> The task
Scan the data, and whenever a line contains "Стена", copy it.

=== Section Start ===

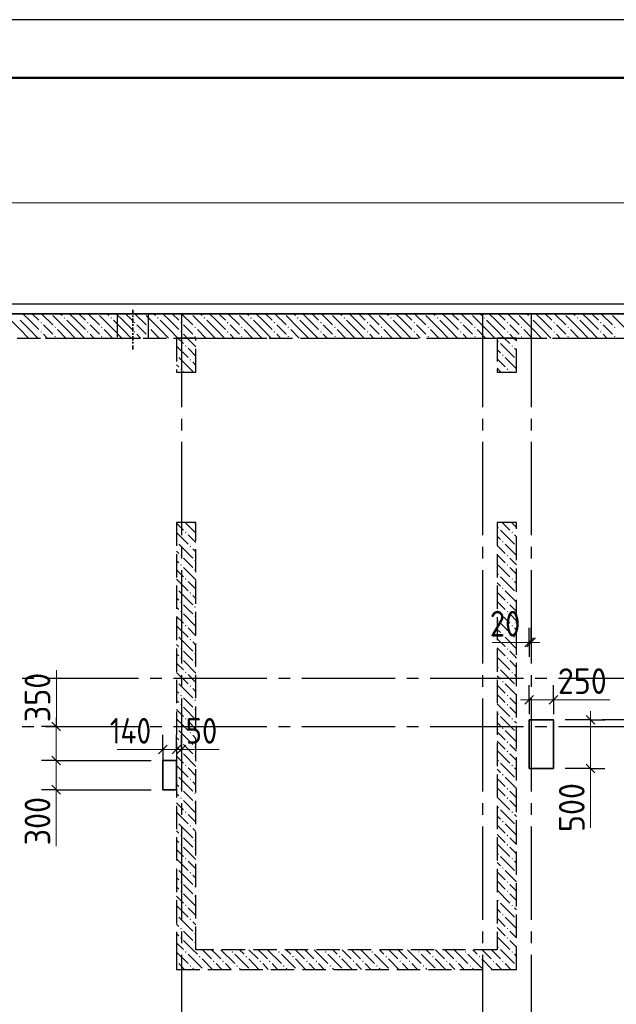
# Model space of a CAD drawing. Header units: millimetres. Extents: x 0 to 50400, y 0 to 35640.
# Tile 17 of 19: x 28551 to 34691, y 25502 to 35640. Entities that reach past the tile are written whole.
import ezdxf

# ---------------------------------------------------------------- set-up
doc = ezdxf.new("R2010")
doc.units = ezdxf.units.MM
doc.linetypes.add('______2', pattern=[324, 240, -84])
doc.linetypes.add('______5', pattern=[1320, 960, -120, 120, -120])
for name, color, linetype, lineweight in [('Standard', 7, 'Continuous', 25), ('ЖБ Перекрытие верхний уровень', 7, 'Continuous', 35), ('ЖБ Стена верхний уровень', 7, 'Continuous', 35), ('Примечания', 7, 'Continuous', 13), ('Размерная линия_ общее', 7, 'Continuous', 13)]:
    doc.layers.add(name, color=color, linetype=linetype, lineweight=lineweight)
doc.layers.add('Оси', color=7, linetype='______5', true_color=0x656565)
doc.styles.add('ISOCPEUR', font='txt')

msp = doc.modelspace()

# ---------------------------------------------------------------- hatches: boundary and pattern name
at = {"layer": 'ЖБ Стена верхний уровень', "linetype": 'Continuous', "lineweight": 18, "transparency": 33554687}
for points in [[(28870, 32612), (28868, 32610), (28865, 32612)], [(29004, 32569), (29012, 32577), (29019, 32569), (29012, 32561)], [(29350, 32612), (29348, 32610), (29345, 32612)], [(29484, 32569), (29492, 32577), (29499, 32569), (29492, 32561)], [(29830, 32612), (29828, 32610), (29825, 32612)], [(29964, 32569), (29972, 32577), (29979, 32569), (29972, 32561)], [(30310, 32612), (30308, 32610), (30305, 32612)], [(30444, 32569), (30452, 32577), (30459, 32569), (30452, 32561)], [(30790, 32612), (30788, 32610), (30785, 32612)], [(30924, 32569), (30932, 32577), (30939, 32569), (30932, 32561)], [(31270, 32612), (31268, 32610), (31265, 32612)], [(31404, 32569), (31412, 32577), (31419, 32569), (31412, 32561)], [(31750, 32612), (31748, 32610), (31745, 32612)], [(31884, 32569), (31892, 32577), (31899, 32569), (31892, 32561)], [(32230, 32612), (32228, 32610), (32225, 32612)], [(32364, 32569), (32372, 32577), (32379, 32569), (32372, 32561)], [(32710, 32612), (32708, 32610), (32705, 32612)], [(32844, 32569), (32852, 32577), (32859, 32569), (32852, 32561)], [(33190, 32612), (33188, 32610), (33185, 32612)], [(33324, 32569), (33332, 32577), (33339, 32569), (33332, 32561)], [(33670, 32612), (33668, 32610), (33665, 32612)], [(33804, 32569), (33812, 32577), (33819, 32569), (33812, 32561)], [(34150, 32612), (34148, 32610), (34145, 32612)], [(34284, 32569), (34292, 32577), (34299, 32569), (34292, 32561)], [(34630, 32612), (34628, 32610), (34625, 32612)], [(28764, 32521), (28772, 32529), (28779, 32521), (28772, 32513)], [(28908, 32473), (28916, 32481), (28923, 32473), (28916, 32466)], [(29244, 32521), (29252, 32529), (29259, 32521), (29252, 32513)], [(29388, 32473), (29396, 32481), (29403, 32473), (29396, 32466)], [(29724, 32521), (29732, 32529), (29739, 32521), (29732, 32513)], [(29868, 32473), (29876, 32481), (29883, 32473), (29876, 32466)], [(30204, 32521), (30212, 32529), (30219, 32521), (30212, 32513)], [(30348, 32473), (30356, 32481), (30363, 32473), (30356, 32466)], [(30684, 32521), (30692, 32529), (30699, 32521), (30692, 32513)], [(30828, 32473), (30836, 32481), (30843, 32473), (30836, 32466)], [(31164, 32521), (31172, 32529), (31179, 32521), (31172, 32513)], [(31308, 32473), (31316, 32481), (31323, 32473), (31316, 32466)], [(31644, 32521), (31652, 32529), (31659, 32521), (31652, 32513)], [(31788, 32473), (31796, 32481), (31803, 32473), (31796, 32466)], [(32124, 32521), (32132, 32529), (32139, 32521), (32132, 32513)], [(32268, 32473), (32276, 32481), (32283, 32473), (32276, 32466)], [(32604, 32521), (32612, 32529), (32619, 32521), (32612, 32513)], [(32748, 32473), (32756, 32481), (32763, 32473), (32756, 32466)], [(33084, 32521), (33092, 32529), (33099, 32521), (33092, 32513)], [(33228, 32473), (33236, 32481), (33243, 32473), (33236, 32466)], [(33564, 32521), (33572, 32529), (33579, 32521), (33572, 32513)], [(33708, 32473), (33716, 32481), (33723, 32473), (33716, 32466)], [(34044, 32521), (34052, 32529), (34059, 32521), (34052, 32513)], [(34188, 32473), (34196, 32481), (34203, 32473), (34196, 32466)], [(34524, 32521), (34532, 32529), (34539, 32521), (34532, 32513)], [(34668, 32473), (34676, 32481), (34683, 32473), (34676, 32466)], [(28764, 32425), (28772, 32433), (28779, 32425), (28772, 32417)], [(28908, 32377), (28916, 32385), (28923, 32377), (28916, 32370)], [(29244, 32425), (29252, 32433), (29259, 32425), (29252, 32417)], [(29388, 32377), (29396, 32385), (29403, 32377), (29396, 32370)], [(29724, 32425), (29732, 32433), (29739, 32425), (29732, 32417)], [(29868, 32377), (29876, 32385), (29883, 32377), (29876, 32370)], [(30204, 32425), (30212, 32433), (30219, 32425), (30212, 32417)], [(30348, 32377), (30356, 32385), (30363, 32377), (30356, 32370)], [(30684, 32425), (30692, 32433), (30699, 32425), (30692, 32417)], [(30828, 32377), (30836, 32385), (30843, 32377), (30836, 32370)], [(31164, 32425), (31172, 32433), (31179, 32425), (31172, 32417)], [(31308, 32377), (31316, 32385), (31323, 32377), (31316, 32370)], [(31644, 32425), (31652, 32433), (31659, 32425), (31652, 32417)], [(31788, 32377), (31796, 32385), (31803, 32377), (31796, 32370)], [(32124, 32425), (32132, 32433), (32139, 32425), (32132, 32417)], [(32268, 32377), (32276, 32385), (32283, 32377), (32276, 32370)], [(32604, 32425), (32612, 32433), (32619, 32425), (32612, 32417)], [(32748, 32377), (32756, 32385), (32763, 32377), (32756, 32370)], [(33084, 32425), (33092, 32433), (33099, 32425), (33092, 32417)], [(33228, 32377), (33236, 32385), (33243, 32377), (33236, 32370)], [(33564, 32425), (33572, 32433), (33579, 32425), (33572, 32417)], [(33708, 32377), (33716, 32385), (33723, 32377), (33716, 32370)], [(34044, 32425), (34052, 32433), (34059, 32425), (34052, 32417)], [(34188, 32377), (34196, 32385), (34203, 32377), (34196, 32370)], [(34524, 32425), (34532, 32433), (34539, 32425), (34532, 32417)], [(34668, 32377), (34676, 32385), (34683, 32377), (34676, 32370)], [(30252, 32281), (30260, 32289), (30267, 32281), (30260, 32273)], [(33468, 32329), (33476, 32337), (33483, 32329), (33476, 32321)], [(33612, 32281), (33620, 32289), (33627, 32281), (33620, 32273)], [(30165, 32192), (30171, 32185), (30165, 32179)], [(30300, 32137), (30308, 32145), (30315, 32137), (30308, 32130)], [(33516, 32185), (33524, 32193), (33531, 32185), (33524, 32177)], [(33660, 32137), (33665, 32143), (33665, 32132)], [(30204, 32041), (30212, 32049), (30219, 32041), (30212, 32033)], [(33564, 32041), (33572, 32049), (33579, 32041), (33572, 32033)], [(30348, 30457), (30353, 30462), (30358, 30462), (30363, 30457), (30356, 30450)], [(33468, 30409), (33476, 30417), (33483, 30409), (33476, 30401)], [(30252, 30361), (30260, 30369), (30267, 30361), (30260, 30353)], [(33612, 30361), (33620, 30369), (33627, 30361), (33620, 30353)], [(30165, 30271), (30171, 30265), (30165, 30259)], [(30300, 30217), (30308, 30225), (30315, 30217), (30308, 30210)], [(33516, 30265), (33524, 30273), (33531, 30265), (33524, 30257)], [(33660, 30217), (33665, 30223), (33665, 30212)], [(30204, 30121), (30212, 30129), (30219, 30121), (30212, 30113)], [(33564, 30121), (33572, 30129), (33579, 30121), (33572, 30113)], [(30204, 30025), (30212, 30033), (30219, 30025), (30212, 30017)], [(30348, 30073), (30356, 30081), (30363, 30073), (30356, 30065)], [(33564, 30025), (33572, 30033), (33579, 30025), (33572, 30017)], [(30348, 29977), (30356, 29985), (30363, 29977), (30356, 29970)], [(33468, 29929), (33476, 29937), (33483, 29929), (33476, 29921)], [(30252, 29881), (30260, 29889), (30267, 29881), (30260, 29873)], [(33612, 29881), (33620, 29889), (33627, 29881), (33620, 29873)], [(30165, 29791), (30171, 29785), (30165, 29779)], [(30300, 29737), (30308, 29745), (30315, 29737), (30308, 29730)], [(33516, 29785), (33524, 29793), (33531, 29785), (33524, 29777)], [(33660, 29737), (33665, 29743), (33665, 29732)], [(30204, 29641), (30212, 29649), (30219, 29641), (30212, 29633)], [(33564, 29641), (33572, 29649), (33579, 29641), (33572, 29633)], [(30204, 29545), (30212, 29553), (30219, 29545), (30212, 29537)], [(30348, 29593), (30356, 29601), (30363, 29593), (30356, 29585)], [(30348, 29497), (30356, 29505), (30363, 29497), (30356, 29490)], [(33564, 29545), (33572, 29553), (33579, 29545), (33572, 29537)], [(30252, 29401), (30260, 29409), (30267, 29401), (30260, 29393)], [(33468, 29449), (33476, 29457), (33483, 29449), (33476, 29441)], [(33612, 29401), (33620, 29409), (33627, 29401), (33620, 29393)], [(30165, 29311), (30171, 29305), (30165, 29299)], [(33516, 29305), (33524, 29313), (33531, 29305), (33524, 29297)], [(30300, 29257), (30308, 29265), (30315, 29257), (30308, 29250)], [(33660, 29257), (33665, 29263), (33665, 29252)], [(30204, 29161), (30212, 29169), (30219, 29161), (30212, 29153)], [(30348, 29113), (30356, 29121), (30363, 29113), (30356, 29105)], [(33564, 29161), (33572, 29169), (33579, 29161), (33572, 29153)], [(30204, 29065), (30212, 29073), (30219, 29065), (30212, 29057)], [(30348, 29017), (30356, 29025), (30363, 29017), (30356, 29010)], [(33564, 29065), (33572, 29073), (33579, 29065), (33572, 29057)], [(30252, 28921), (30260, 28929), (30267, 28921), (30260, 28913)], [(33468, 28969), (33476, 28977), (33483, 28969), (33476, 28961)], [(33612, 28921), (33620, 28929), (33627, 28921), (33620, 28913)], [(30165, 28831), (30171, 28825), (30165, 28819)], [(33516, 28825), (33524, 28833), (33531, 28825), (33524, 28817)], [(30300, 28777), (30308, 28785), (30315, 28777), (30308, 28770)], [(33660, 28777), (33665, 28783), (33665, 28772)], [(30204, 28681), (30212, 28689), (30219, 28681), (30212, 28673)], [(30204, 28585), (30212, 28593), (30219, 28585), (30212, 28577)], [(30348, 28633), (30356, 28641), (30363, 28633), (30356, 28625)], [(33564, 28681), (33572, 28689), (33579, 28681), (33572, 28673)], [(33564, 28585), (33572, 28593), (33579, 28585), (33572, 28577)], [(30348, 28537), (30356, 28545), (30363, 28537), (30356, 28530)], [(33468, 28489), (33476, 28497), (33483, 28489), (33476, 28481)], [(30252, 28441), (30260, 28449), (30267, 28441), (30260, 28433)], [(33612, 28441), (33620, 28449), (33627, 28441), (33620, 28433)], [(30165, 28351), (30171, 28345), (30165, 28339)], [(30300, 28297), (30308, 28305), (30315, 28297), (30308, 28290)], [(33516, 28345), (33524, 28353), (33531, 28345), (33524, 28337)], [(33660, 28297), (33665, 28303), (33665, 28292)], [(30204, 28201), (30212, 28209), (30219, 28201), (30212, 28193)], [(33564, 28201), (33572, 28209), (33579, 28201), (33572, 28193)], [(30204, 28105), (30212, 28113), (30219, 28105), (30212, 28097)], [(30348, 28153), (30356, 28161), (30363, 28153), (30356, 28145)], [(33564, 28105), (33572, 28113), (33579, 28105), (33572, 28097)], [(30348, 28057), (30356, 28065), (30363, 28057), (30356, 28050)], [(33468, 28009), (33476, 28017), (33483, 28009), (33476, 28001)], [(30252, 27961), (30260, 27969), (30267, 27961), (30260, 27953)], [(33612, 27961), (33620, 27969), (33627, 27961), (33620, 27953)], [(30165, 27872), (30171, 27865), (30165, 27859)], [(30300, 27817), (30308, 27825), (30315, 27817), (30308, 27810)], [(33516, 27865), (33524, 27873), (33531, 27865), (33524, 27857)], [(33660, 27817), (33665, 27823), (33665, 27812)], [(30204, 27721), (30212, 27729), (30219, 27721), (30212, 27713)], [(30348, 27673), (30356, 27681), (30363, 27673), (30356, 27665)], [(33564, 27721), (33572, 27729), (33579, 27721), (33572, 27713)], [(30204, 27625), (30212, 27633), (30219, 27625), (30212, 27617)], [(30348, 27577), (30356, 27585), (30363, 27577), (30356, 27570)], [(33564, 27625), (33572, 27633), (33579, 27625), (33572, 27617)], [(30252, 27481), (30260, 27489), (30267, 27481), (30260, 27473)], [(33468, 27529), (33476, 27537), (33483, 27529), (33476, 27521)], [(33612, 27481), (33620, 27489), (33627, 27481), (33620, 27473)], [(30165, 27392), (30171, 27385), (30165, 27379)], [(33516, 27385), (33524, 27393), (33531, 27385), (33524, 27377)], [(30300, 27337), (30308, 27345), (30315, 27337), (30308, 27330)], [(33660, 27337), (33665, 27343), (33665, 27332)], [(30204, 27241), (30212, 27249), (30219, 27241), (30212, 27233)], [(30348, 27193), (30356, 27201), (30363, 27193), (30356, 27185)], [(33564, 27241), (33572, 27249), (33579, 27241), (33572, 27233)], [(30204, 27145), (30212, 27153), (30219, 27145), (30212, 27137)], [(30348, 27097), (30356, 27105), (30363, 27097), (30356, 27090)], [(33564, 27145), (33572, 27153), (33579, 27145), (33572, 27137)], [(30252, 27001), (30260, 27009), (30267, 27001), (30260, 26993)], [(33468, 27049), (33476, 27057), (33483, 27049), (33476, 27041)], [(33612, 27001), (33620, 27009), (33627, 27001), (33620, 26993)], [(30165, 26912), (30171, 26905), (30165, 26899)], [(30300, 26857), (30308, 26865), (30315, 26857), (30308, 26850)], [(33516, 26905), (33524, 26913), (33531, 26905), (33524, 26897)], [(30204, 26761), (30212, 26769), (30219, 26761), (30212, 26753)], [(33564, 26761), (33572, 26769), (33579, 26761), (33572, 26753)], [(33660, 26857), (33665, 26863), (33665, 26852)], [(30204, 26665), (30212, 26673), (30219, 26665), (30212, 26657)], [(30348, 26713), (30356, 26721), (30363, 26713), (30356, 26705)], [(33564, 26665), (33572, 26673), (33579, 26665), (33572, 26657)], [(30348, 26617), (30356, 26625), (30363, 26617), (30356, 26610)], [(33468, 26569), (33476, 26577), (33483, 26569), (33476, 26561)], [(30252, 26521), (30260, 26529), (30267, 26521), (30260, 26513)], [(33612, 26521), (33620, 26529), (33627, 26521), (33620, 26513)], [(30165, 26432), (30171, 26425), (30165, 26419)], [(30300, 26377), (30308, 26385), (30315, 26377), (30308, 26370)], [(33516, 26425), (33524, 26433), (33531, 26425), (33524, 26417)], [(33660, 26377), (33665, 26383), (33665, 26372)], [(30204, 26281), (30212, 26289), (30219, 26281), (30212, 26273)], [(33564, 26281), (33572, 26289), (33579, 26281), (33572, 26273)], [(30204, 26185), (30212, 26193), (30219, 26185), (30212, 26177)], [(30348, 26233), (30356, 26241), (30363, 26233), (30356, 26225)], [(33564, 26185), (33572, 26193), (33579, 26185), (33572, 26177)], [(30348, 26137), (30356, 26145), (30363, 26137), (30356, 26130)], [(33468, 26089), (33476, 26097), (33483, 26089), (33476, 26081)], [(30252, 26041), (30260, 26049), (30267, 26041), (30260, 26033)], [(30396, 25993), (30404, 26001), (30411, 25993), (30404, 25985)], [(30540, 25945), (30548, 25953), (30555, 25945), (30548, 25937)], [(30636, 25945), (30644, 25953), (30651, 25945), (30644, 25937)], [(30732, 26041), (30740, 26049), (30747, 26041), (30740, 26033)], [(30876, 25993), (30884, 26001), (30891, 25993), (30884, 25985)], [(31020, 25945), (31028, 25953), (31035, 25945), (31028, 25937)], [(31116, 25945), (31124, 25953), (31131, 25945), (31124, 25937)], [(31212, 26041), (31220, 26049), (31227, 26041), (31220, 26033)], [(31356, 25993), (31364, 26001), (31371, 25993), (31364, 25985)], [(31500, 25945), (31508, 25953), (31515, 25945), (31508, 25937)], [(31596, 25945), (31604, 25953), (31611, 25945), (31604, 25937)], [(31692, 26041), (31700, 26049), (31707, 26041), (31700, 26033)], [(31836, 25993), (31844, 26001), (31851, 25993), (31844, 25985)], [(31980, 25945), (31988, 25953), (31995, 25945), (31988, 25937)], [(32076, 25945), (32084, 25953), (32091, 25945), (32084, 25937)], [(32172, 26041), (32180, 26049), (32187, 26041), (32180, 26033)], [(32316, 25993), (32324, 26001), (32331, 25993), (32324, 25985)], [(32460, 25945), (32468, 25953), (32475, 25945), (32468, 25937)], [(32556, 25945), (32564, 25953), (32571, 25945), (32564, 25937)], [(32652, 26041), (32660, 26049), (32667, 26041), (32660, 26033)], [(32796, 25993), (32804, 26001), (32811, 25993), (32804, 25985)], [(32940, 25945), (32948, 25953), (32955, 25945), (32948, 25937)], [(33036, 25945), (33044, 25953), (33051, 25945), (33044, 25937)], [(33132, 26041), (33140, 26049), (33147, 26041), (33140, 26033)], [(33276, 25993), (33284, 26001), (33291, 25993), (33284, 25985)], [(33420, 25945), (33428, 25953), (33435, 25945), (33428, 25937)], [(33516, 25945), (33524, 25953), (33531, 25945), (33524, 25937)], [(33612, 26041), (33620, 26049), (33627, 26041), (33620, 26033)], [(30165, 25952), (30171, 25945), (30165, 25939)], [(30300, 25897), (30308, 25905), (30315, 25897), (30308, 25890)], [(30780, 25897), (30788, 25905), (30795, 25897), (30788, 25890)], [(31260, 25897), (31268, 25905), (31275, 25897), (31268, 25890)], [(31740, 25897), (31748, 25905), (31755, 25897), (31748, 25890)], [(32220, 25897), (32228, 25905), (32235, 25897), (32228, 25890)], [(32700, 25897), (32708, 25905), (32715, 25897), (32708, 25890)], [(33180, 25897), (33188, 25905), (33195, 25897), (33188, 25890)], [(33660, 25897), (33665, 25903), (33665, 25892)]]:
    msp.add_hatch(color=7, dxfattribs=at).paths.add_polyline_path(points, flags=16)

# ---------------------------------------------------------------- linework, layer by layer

=== Section End ===

> Answer for the task
for name, color, linetype, lineweight in [('Standard', 7, 'Continuous', 25), ('ЖБ Перекрытие верхний уровень', 7, 'Continuous', 35), ('ЖБ Стена верхний уровень', 7, 'Continuous', 35), ('Примечания', 7, 'Continuous', 13), ('Размерная линия_ общее', 7, 'Continuous', 13)]:
at = {"layer": 'ЖБ Стена верхний уровень', "linetype": 'Continuous', "lineweight": 18, "transparency": 33554687}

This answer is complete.